# Measured power consumption of a boat (70T barge)



## boekel (Nov 10, 2010)

I did measurements of power consumption of my boat, and I wanted to share the results:










7 kW gives 6.5 km/h
63 kW gives 13 km/h

Boat: 26,4m long, 4,7m wide, about 60-70 tons weight length on waterline 24 meters.


----------



## samwichse (Jan 28, 2012)

You can get the "real" distribution if you set your chart type to xy scatter plot, then connect the dots in the series options.

So where on this chart do you usually run? Is out with the extra time for you to run 6.5 vs 10km/h?


----------



## kennybobby (Aug 10, 2012)

Thanks for sharing-- that is interesting data. Looks like above 10,7 km/h is the point of diminishing returns for that motor and power supply.

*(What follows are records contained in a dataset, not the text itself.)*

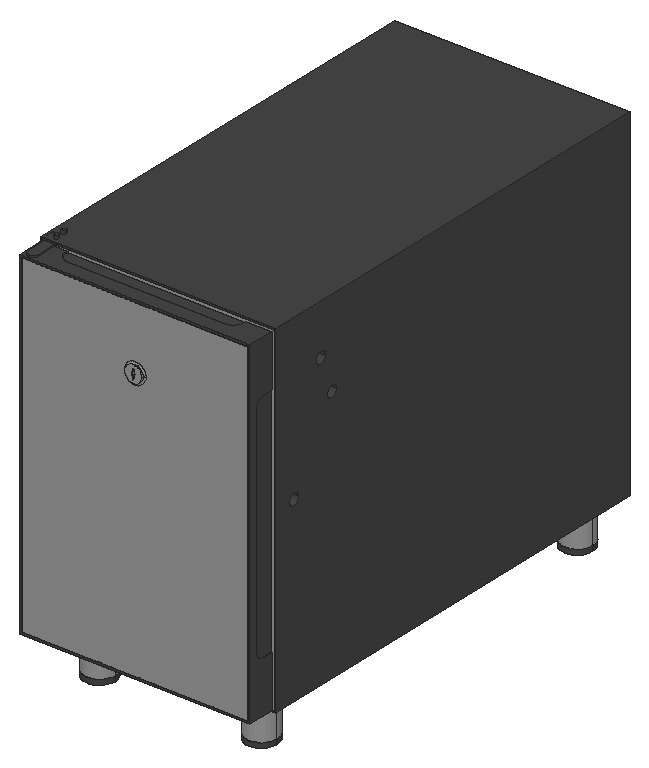
Revit family "Franke_Refrigeration_side_unit_KE200_EC-A600_MS_EC_FW(USA)", category Specialty Equipment, Revit 2015
Parameters (values of type "Refrigeration side unit KE200 EC-A600 MS EC FW(110V/USA)")
  Volts max. = 0 V
  URL = "https://www.franke.com/main/en/cs/products/product-search.html"
  Depth (mm) = 453 mm
  Temperature range = "+ 3°C to + 8°C"
  Volts min. = 110 V
  Max Overcurrent Protection = "1.5 A"
  Cycle Alternative = 0 Hz
  Cycle = 60 Hz
  Model = "410864 - Refrigeration side unit KE200 EC - A600 MS EC FW"
  Milk storage = "4 l"
  Watts = 0 W
  Cost = 0
  Height (mm) = 376 mm
  Manufacturer = "Franke"
  Energy loss acc. to DIN 18873 = "0.460 kWh/24 h - 230 V"
  Width (mm) = 225 mm
  Description = "Refrigeration side unit for storage of cooled milk"
  Assembly Code = "Refrigeration side unit"
  Keynote = "Refrigeration side unit"
  Weight = "13 kg"
  Number of Poles = 1
  Number of Protective Conductors = "1"
  Number of Nutral Conductors = "1"
Reference planes
  plane 1 "Mitte (Vorne/Hinten)": y = 0
  plane 2: z = 0
  plane 3 "Mitte (Links/Rechts)": x = 0
Forms (mm)
  Extrusion 1, solid, material "Franke Black"
    sketch origin (0, 0, 20) x (0, 1, 0) y (0, 0, 1)
      loop
        line (212.3, 356) -> (-212.3, 356) -> (-212.3, 26) -> (212.3, 26) -> (212.3, 356)
    from -112.5 to 112.5
  Extrusion 2, solid, material "Franke Chrome"
    sketch origin (0, 0, 20) x (1, 0, 0) y (0, 0, 1)
      loop
        circle (0, 290.954) r 8
      loop
        arc (1, 294.954) -> (0.707, 295.662) -> (0, 295.954) r 1
        arc (0, 295.954) -> (-0.707, 295.662) -> (-1, 294.954) r 1
        line (-1, 294.954) -> (-1, 292.687)
        arc (-1, 292.687) -> (-2, 290.954) -> (-1, 289.222) r 2
        line (-1, 289.222) -> (-1, 286.954)
        arc (-1, 286.954) -> (-0.707, 286.247) -> (0, 285.954) r 1
        arc (0, 285.954) -> (0.707, 286.247) -> (1, 286.954) r 1
        line (1, 286.954) -> (1, 289.222)
        arc (1, 289.222) -> (2, 290.954) -> (1, 292.687) r 2
        line (1, 292.687) -> (1, 294.954)
    from 240.3 to 242.3
  Blend 3, solid, material "Franke Chrome"
    base sketch origin (0, 0, 20) x (1, 0, 0) y (0, 0, 1)
      loop
        circle (0, 290.954) r 10
    top sketch origin (0, 0, 20) x (1, 0, 0) y (0, 0, 1)
      loop
        circle (0, 290.954) r 8
    from 240.3 to 241.3
  Extrusion 4, solid, material "Franke Black"
    sketch origin (0, 0, 20) x (1, 0, 0) y (0, 0, 1)
      loop
        line (-105.863, 349.363) -> (-105.863, 32.637) -> (105.863, 32.637) -> (105.863, 349.363) -> (-105.863, 349.363)
    from 212.3 to 214.3
  Revolve 5, solid, material "Franke Black"
    sketch origin (-77.5, 0, 39) x (0, 1, 0) y (0, 0, 1)
      loop
        line (212.3, 252) -> (225.9, 252) -> (225.9, 262.5)
        arc (225.9, 262.5) -> (225.314, 263.914) -> (223.9, 264.5) r 2
        line (223.9, 264.5) -> (212.3, 264.5) -> (212.3, 252)
      axis (225.9, 252) -> (212.3, 252)
    angle from 0 to 360
  Extrusion 6, void
    sketch origin (0, 0, 39) x (0, 1, 0) y (0, 0, 1)
      loop
        circle (-158.312, 288.596) r 6
      loop
        circle (-144.81, 253.988) r 6
      loop
        circle (-190.311, 180.988) r 6
    from 102.5 to 127.226
  Extrusion 7, void
    sketch origin (0, 0, 39) x (1, 0, 0) y (0, 0, 1)
      loop
        line (60.953, 48.985) -> (60.953, 22.709) -> (92.574, 22.709) -> (92.574, 48.985) -> (60.953, 48.985)
    from -221.866 to -202.3
  Extrusion 8, solid, material "Franke Black"
    sketch origin (0, 0, 20) x (1, 0, 0) y (0, 0, 1)
      loop
        line (-110.5, 354) -> (-110.5, 28) -> (110.5, 28) -> (110.5, 354) -> (-110.5, 354)
      loop
        line (108.5, 352) -> (-108.5, 352) -> (-108.5, 30) -> (108.5, 30) -> (108.5, 352)
    from 214.3 to 240.3
  Extrusion 9, solid, material "Franke Stainless Steel"
    sketch origin (0, 0, 20) x (1, 0, 0) y (0, 0, 1)
      loop
        line (-108.5, 352) -> (-108.5, 30) -> (108.5, 30) -> (108.5, 352) -> (-108.5, 352)
      loop
        circle (0, 290.954) r 10
    from 214.3 to 240.3
  Extrusion 10, void
    sketch origin (0, 0, 20) x (0, 1, 0) y (0, 0, 1)
      loop
        line (-212.3, 78) -> (-212.3, 304) -> (-223.8, 304)
        arc (-223.8, 304) -> (-230.871, 301.071) -> (-233.8, 294) r 10
        line (-233.8, 294) -> (-233.8, 88)
        arc (-233.8, 88) -> (-230.871, 80.929) -> (-223.8, 78) r 10
        line (-223.8, 78) -> (-212.3, 78)
    from 109.5 to 123.031
  Extrusion 11, void
    sketch origin (0, 0, 20) x (0, 1, 0) y (0, 0, -1)
      loop
        line (-212.3, -78) -> (-223.8, -78)
        arc (-223.8, -78) -> (-230.871, -80.929) -> (-233.8, -88) r 10
        line (-233.8, -88) -> (-233.8, -294)
        arc (-233.8, -294) -> (-230.871, -301.071) -> (-223.8, -304) r 10
        line (-223.8, -304) -> (-212.3, -304) -> (-212.3, -78)
    from 109.5 to 123.031
  Extrusion 12, void
    sketch origin (0, 0, 20) x (1, 0, 0) y (0, 1, 0)
      loop
        line (-85.5, -212.3) -> (-85.5, -217.3)
        arc (-85.5, -217.3) -> (-82.571, -224.371) -> (-75.5, -227.3) r 10
        line (-75.5, -227.3) -> (75.5, -227.3)
        arc (75.5, -227.3) -> (82.571, -224.371) -> (85.5, -217.3) r 10
        line (85.5, -217.3) -> (85.5, -212.3) -> (-85.5, -212.3)
    from 353 to 371.405
  Extrusion 13, void
    sketch origin (0, 0, -322.405) x (0, -1, 0) y (1, 0, 0)
      loop
        line (212.3, -85.5) -> (217.3, -85.5)
        arc (217.3, -85.5) -> (224.371, -82.571) -> (227.3, -75.5) r 10
        line (227.3, -75.5) -> (227.3, 75.5)
        arc (227.3, 75.5) -> (224.371, 82.571) -> (217.3, 85.5) r 10
        line (217.3, 85.5) -> (212.3, 85.5) -> (212.3, -85.5)
    from 353 to 371.405
  Extrusion 14, void
    sketch origin (0, 0, 20) x (1, 0, 0) y (0, 0, 1)
      loop
        line (111.5, 355) -> (-111.5, 355) -> (-111.5, 27) -> (111.5, 27) -> (111.5, 355)
    from 199.527 to 273.235
  Extrusion 15, solid, material "Franke Plastic white"
    sketch origin (0, 0, 20) x (1, 0, 0) y (0, 0, 1)
      loop
        line (-111.5, 355) -> (-111.5, 27) -> (111.5, 27) -> (111.5, 355) -> (-111.5, 355)
    from 199.527 to 212.3
  Extrusion 16, solid, material "Franke Black"
    sketch origin (0, 0, 20) x (1, 0, 0) y (0, 1, 0)
      loop
        arc (-108.5, -233.3) -> (-103.5, -238.3) -> (-98.5, -233.3) r 5
        line (-98.5, -233.3) -> (-98.5, -212.3) -> (-108.5, -212.3) -> (-108.5, -233.3)
    from 354 to 355
  Extrusion 17, solid, material "Franke Black"
    sketch origin (0, 0, 20) x (1, 0, 0) y (0, 1, 0)
      loop
        circle (-103.5, -205.3) r 2
      loop
        circle (-103.5, -196.3) r 2
    from 356 to 358.5
  Extrusion 18, solid, material "Franke Black"
    sketch origin (0, 0, -307) x (0, -1, 0) y (1, 0, 0)
      loop
        arc (233.3, -108.5) -> (238.3, -103.5) -> (233.3, -98.5) r 5
        line (233.3, -98.5) -> (212.3, -98.5) -> (212.3, -108.5) -> (233.3, -108.5)
    from 354 to 355
  Extrusion 19, solid, material "Franke Chrome"
    sketch origin (0, 0, 20) x (1, 0, 0) y (0, 1, 0)
      loop
        circle (0, 174.198) r 2.5
    from 20 to 26
  Extrusion 20, solid, material "Franke Chrome"
    sketch origin (0, 0, 20) x (1, 0, 0) y (0, 1, 0)
      loop
        circle (-77.5, 193.3) r 15
      loop
        circle (77.5, 193.3) r 15
      loop
        circle (-77.5, -185.7) r 15
      loop
        circle (77.5, -185.7) r 15
    from -15 to 26
  Extrusion 21, solid, material "Franke Black"
    sketch origin (0, 0, -15) x (1, 0, 0) y (0, 1, 0)
      loop
        circle (-77.5, 193.3) r 15
      loop
        circle (77.5, 193.3) r 15
      loop
        circle (-77.5, -185.7) r 15
      loop
        circle (77.5, -185.7) r 15
    from 15 to 20
Cuts and joins
  Extrusion 6, Extrusion 7, Extrusion 14 cuts Extrusion 1
  Extrusion 10, Extrusion 11, Extrusion 12, Extrusion 13 cuts Extrusion 8
Lines and regions (mm)
  model lines
    curve 1: line (77.5, 208.3, 20) -> (77.5, 178.3, 20)
    curve 2: line (92.5, 193.3, 20) -> (62.5, 193.3, 20)
    curve 3: line (92.5, 193.3, 20) -> (62.5, 193.3, 20)
    curve 4: line (77.5, 178.3, 20) -> (77.5, 208.3, 20)
Dimensions and locks
  aligned and locked: level to plane 2
Connectors
  electrical at (0, 174.198, 40), driven by "Volts min.", driven by "Number of Poles"
    settings: on Extrusion 19, index 2, voltage 110 V, apparent load 0 VA, apparent load phase1 0 VA, apparent load phase2 0 VA, apparent load phase3 0 VA, power factor 1, load classification "Strom", number of poles 1, system type 31, power factor state 1, is connector primary yes, connector utility no, sub classification motor no, connector description ""

Which variables were you measuring and which calculating? i calculate that your power at 13 km/h based upon the RPM and Torque numbers would be 66.5 kW.


----------



## boekel (Nov 10, 2010)

samwichse said:


> You can get the "real" distribution if you set your chart type to xy scatter plot, then connect the dots in the series options.


Thanks!! I adjusted the charts in the OP.


> So where on this chart do you usually run? Is out with the extra time for you to run 6.5 vs 10km/h?


I run diesel-electric at the moment (planning for serial hybrid) so I always have a 85 kvA genset running, don't know the zero-load diesel consumption but going slow isn't very efficient until I can run on battery power 



kennybobby said:


> Thanks for sharing-- that is interesting data. Looks like above 10,7 km/h is the point of diminishing returns for that motor and power supply.
> 
> Which variables were you measuring and which calculating? i calculate that your power at 13 km/h based upon the RPM and Torque numbers would be 66.5 kW.


The power figures come from the display of the VFD, speed from gps.
Speed is very dependend on water depth, I tried to be on deep water the whole test, also there was a bit of wind but I'm happy with the results.


----------